Exercise directions —
With the first line as the start and the line containing "line (-66.6267, 50.0572) -> (59.2433, 50.0572)" as the end, write out every line of the records exactly.

Extracted records —

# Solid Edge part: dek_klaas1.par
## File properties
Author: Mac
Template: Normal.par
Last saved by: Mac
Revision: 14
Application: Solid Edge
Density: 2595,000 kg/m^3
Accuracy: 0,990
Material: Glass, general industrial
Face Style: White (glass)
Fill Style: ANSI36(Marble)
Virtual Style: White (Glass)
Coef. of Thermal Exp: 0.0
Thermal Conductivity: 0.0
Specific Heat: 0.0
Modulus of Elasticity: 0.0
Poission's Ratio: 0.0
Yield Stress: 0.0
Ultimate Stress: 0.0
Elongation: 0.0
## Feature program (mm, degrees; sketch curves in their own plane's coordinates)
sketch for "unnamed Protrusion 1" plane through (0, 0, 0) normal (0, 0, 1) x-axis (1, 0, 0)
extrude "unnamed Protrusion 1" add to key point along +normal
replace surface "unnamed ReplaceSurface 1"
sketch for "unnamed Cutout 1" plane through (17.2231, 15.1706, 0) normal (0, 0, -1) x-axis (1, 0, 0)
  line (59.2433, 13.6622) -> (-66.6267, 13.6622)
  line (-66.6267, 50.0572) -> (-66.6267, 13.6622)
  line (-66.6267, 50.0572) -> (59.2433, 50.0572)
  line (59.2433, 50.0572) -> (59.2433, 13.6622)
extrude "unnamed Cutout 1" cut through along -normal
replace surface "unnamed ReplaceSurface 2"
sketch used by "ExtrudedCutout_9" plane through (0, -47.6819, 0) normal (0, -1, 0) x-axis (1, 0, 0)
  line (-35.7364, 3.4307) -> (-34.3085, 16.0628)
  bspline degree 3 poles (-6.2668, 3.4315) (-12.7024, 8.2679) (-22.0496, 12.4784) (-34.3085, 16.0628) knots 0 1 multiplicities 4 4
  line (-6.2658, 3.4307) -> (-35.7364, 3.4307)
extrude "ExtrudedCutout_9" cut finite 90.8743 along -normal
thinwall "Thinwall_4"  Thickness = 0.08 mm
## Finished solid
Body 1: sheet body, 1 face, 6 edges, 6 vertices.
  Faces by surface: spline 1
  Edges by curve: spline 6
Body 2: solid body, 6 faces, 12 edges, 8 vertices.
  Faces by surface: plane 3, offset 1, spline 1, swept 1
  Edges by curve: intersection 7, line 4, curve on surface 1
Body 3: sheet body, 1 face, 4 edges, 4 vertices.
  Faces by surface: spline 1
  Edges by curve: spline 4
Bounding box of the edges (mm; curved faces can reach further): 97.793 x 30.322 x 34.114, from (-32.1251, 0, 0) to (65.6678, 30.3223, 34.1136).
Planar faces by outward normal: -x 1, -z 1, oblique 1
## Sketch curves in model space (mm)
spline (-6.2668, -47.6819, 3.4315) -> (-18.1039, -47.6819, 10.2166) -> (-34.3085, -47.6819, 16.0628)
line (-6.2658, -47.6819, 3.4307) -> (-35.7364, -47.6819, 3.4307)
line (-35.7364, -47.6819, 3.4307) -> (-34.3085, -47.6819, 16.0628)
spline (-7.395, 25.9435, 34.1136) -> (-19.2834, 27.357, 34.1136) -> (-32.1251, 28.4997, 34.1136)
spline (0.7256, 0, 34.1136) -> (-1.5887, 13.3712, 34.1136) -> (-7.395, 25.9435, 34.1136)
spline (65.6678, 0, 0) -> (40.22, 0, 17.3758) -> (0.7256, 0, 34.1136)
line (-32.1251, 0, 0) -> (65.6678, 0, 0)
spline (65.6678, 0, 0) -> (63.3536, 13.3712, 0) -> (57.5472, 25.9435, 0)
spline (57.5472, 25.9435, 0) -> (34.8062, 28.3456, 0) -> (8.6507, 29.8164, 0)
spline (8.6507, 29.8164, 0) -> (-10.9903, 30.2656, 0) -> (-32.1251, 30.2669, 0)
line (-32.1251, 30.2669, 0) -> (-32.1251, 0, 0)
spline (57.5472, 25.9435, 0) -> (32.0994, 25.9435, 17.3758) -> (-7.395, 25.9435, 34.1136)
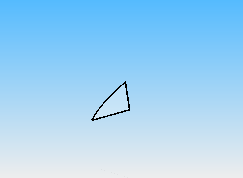
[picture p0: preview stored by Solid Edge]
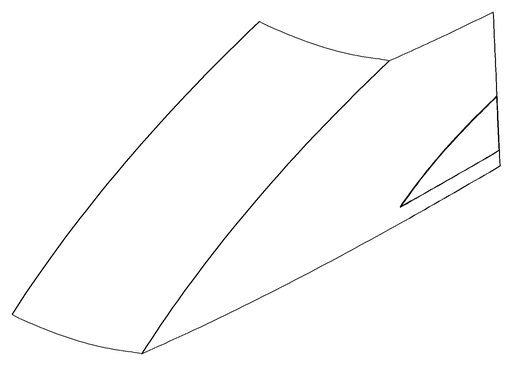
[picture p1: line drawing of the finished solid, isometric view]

Your response —
# Solid Edge part: dek_klaas1.par
## File properties
Author: Mac
Template: Normal.par
Last saved by: Mac
Revision: 14
Application: Solid Edge
Density: 2595,000 kg/m^3
Accuracy: 0,990
Material: Glass, general industrial
Face Style: White (glass)
Fill Style: ANSI36(Marble)
Virtual Style: White (Glass)
Coef. of Thermal Exp: 0.0
Thermal Conductivity: 0.0
Specific Heat: 0.0
Modulus of Elasticity: 0.0
Poission's Ratio: 0.0
Yield Stress: 0.0
Ultimate Stress: 0.0
Elongation: 0.0
## Feature program (mm, degrees; sketch curves in their own plane's coordinates)
sketch for "unnamed Protrusion 1" plane through (0, 0, 0) normal (0, 0, 1) x-axis (1, 0, 0)
extrude "unnamed Protrusion 1" add to key point along +normal
replace surface "unnamed ReplaceSurface 1"
sketch for "unnamed Cutout 1" plane through (17.2231, 15.1706, 0) normal (0, 0, -1) x-axis (1, 0, 0)
  line (59.2433, 13.6622) -> (-66.6267, 13.6622)
  line (-66.6267, 50.0572) -> (-66.6267, 13.6622)
  line (-66.6267, 50.0572) -> (59.2433, 50.0572)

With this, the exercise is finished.